特許出願に必要な書類
特許出願には下記の書類が必要です。
(1) 願書
願書には、あて先(特許庁長官)、出願日(任意)、国際特許分類(任意)、発明者の住所又は居所及び氏名、特許出願人の住所又は居所及び氏名、代理人の住所又は居所及び氏名、提出物件の目録、手数料の表示、必要な場合にはその他の事項を記載します。
発明者とは、出願する発明を完成した人を言います。
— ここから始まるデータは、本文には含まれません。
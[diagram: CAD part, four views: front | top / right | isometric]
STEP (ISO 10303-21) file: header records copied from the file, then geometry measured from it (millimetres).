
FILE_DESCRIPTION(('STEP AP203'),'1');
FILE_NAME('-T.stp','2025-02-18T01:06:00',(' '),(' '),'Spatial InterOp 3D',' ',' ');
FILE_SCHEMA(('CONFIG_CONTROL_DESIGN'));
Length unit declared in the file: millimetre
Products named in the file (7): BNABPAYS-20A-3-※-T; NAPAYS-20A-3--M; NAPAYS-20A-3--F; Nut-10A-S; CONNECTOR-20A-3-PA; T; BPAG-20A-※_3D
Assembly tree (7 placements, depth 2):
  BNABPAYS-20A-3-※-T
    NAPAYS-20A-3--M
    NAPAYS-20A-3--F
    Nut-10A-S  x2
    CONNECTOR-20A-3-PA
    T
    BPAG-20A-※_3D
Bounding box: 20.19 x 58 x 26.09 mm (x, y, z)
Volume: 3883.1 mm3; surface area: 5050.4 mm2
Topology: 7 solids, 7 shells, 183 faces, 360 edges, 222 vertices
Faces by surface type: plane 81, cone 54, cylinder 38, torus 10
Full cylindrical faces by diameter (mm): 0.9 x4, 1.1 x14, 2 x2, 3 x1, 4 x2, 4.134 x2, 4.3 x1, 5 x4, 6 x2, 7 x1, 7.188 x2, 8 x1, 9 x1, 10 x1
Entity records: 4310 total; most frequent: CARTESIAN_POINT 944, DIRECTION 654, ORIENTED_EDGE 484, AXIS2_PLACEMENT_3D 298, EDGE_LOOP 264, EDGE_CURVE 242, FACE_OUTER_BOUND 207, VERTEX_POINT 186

複数人で協力して発明が完成した場合には、それらの人全員が発明者となります。但し、単に実験のみをしただけの補助者や、資金を提供しただけの人で実質的に発明に関与していない人は、発明者ではありません。未成年者であってもかまいません。
特許出願人は特許権の権利者となる個人又は法人を言います。複数の人を特許出願人とすることも可能です。この場合には、複数の出願人を記載して共同出願となります。未成年者の場合には、法定代理人が必要となります。会社設立予定の場合には、個人名義で出願をして設立後に移転することも可能です。
(2) 明細書
明細書には発明の目的、構成及び効果を記載します。いわゆる当業者が実施できるように十分に明確に記載する必要があります。発明のポイントを隠したりすると、その特許出願が拒絶されることがあります。
明細書の主要な部分としては、発明の名称、技術分野、背景技術、発明の開示(その中に、発明が解決しようとする課題、課題を解決するための手段、及び発明の効果があります。)発明を実施するための最良の形態、産業上の利用可能性、図面の簡単な説明、符号の説明などがあります。
技術分野には、発明の主題が含まれる技術分野を記載します。背景技術には、本発明の前提となる技術の水準や問題点を生じている背景などを記載します。先行技術文献がある場合は、特許文献や非特許文献という形式で記載します。
発明の開示は、発明が解決しようとする課題、課題を解決するための手段、発明の効果の3つの項目から成り立っています。発明が解決しようとする課題の欄は、発明の課題や目的が明らかになるように記載します。課題を解決するための手段には、特許請求の範囲に記載した発明の概要を記載します。発明の主な構成要素とその作用を記載します。発明の効果は、その発明の効果を記載します。一般的には発明の目的と重複するものです。
発明を実施するための最良の形態には、その発明の実施の形態及び実施例を挙げて発明を詳細に説明します。発明を実施するための最良の形態や実施例には、通常図面を参照しながら説明されることが多く、部材などの構成要素には参照符号が使用されます。また、発明がどのように用いられるかについて、その用途を産業上の利用可能性の欄に記載します。
(3) 特許請求の範囲
特許請求の範囲は、特許権を受けようとする発明を記載します。請求項が1つの発明の単位となります。他の請求項を引用していない独立項と他の請求項を引用する従属項に大別されます。特許権を受けようとする発明に必要な構成要件だけを記載するようになっています。また、発明の種類としては”物”及び”方法”の発明がある故、これらの区別も請求項で明確に分かるように記載します。特許請求の範囲の記載に当たっては、権利範囲が狭くならないように注意する必要があります。
(4) 図面
発明が図面により表現し得るときには図面を記載することが求められています。但し、化学分野の発明は図面により表現し得ないことが多いので、不要なことが多いです。図面は発明の構成を説明する補助的なものですが、特に発明が複雑な機械などの複雑な構成を有する場合に有用となります。立体的な構造物には斜視図、層構造には断面図、流れ作業やプログラムなどにはフローチャートがそれぞれ多く用いられます。図面中の各部材には、明細書中の記載と対応する形で参照符号が用いられます。
(5) 要約
発明の内容を簡単に説明するための書類で、課題と解決手段について記載します。検索などで分かり易くする目的から選択図の添付が求められています。
(6) その他
その他の書類としては、特別授権を要する手続きの場合の委任状、30条の新規性喪失の例外適用のための証明書、優先権証明書などが挙げられます。